• Records supplied:
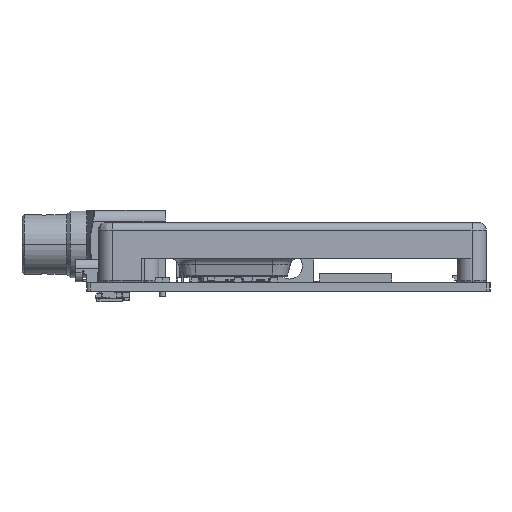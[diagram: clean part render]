
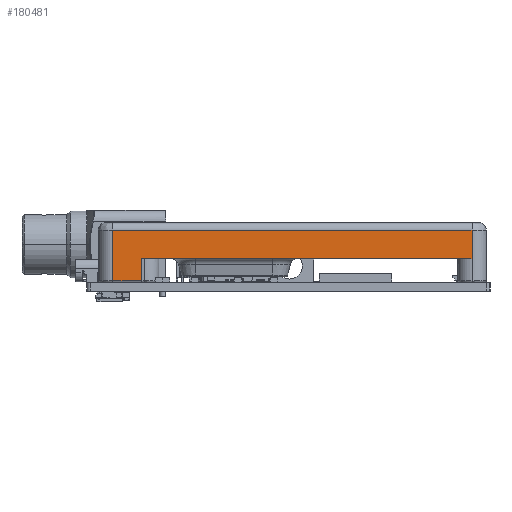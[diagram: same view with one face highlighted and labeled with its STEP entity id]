
A CAD part, left-side view. The second image highlights one B-rep face of the part: STEP entity #180481.
In plain terms, the highlighted planar face has unit normal (-1, 0, 0).
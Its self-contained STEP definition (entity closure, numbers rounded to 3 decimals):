
#178489=DIRECTION('',(0.,1.,0.));
#178490=VECTOR('',#178489,49.894);
#178491=CARTESIAN_POINT('',(-40.5,-24.172,7.885));
#178492=LINE('',#178491,#178490);
#178626=DIRECTION('',(0.,0.,-1.));
#178627=VECTOR('',#178626,7.06);
#178628=CARTESIAN_POINT('',(-40.5,25.722,
7.885));
#178629=LINE('',#178628,#178627);
#178663=DIRECTION('',(0.,-1.,0.));
#178664=VECTOR('',#178663,4.);
#178665=CARTESIAN_POINT('',(-40.5,25.722,0.825));
#178666=LINE('',#178665,#178664);
#178672=DIRECTION('',(0.,0.,1.));
#178673=VECTOR('',#178672,3.06);
#178674=CARTESIAN_POINT('',(-40.5,21.722,0.825));
#178675=LINE('',#178674,#178673);
#178680=DIRECTION('',(0.,1.,0.));
#178681=VECTOR('',#178680,45.894);
#178682=CARTESIAN_POINT('',(-40.5,-24.172,3.885));
#178683=LINE('',#178682,#178681);
#178688=DIRECTION('',(0.,0.,1.));
#178689=VECTOR('',#178688,4.);
#178690=CARTESIAN_POINT('',(-40.5,-24.172,3.885));
#178691=LINE('',#178690,#178689);
#179839=CARTESIAN_POINT('',(-40.5,21.722,3.885));
#179840=VERTEX_POINT('',#179839);
#179841=CARTESIAN_POINT('',(-40.5,-24.172,3.885));
#179842=VERTEX_POINT('',#179841);
#179957=CARTESIAN_POINT('',(-40.5,25.722,7.885));
#179958=VERTEX_POINT('',#179957);
#179959=CARTESIAN_POINT('',(-40.5,-24.172,7.885));
#179960=VERTEX_POINT('',#179959);
#179969=CARTESIAN_POINT('',(-40.5,25.722,0.825));
#179970=CARTESIAN_POINT('',(-40.5,21.722,0.825));
#179971=VERTEX_POINT('',#179969);
#179972=VERTEX_POINT('',#179970);
#180466=CARTESIAN_POINT('',(-40.5,27.722,0.625));
#180467=DIRECTION('',(-1.,0.,0.));
#180468=DIRECTION('',(0.,-1.,0.));
#180469=AXIS2_PLACEMENT_3D('',#180466,#180467,#180468);
#180470=PLANE('',#180469);
#180471=ORIENTED_EDGE('',*,*,#180445,.F.);
#180472=ORIENTED_EDGE('',*,*,#180384,.F.);
#180473=ORIENTED_EDGE('',*,*,#180161,.F.);
#180475=ORIENTED_EDGE('',*,*,#180474,.F.);
#180477=ORIENTED_EDGE('',*,*,#180476,.T.);
#180478=ORIENTED_EDGE('',*,*,#180456,.F.);
#180479=EDGE_LOOP('',(#180471,#180472,#180473,#180475,#180477,#180478));
#180480=FACE_OUTER_BOUND('',#180479,.F.);
#180161=EDGE_CURVE('',#179960,#179958,#178492,.T.);
#180384=EDGE_CURVE('',#179958,#179971,#178629,.T.);
#180445=EDGE_CURVE('',#179971,#179972,#178666,.T.);
#180456=EDGE_CURVE('',#179972,#179840,#178675,.T.);
#180474=EDGE_CURVE('',#179842,#179960,#178691,.T.);
#180476=EDGE_CURVE('',#179842,#179840,#178683,.T.);
#180481=ADVANCED_FACE('',(#180480),#180470,.T.);

• Work instructions:
In transcribing the material above, reproduce each line exactly and include none of the pictures.

• Your solution:
[diagram: clean part render]
[diagram: same view with one face highlighted and labeled with its STEP entity id]
A CAD part, left-side view. The second image highlights one B-rep face of the part: STEP entity #180481.
In plain terms, the highlighted planar face has unit normal (-1, 0, 0).
Its self-contained STEP definition (entity closure, numbers rounded to 3 decimals):
#178489=DIRECTION('',(0.,1.,0.));
#178490=VECTOR('',#178489,49.894);
#178491=CARTESIAN_POINT('',(-40.5,-24.172,7.885));
#178492=LINE('',#178491,#178490);
#178626=DIRECTION('',(0.,0.,-1.));
#178627=VECTOR('',#178626,7.06);
#178628=CARTESIAN_POINT('',(-40.5,25.722,
7.885));
#178629=LINE('',#178628,#178627);
#178663=DIRECTION('',(0.,-1.,0.));
#178664=VECTOR('',#178663,4.);
#178665=CARTESIAN_POINT('',(-40.5,25.722,0.825));
#178666=LINE('',#178665,#178664);
#178672=DIRECTION('',(0.,0.,1.));
#178673=VECTOR('',#178672,3.06);
#178674=CARTESIAN_POINT('',(-40.5,21.722,0.825));
#178675=LINE('',#178674,#178673);
#178680=DIRECTION('',(0.,1.,0.));
#178681=VECTOR('',#178680,45.894);
#178682=CARTESIAN_POINT('',(-40.5,-24.172,3.885));
#178683=LINE('',#178682,#178681);
#178688=DIRECTION('',(0.,0.,1.));
#178689=VECTOR('',#178688,4.);
#178690=CARTESIAN_POINT('',(-40.5,-24.172,3.885));
#178691=LINE('',#178690,#178689);
#179839=CARTESIAN_POINT('',(-40.5,21.722,3.885));
#179840=VERTEX_POINT('',#179839);
#179841=CARTESIAN_POINT('',(-40.5,-24.172,3.885));
#179842=VERTEX_POINT('',#179841);
#179957=CARTESIAN_POINT('',(-40.5,25.722,7.885));
#179958=VERTEX_POINT('',#179957);
#179959=CARTESIAN_POINT('',(-40.5,-24.172,7.885));
#179960=VERTEX_POINT('',#179959);
#179969=CARTESIAN_POINT('',(-40.5,25.722,0.825));
#179970=CARTESIAN_POINT('',(-40.5,21.722,0.825));
#179971=VERTEX_POINT('',#179969);
#179972=VERTEX_POINT('',#179970);
#180466=CARTESIAN_POINT('',(-40.5,27.722,0.625));
#180467=DIRECTION('',(-1.,0.,0.));
#180468=DIRECTION('',(0.,-1.,0.));
#180469=AXIS2_PLACEMENT_3D('',#180466,#180467,#180468);
#180470=PLANE('',#180469);
#180471=ORIENTED_EDGE('',*,*,#180445,.F.);
#180472=ORIENTED_EDGE('',*,*,#180384,.F.);
#180473=ORIENTED_EDGE('',*,*,#180161,.F.);
#180475=ORIENTED_EDGE('',*,*,#180474,.F.);
#180477=ORIENTED_EDGE('',*,*,#180476,.T.);
#180478=ORIENTED_EDGE('',*,*,#180456,.F.);
#180479=EDGE_LOOP('',(#180471,#180472,#180473,#180475,#180477,#180478));
#180480=FACE_OUTER_BOUND('',#180479,.F.);
#180161=EDGE_CURVE('',#179960,#179958,#178492,.T.);
#180384=EDGE_CURVE('',#179958,#179971,#178629,.T.);
#180445=EDGE_CURVE('',#179971,#179972,#178666,.T.);
#180456=EDGE_CURVE('',#179972,#179840,#178675,.T.);
#180474=EDGE_CURVE('',#179842,#179960,#178691,.T.);
#180476=EDGE_CURVE('',#179842,#179840,#178683,.T.);
#180481=ADVANCED_FACE('',(#180480),#180470,.T.);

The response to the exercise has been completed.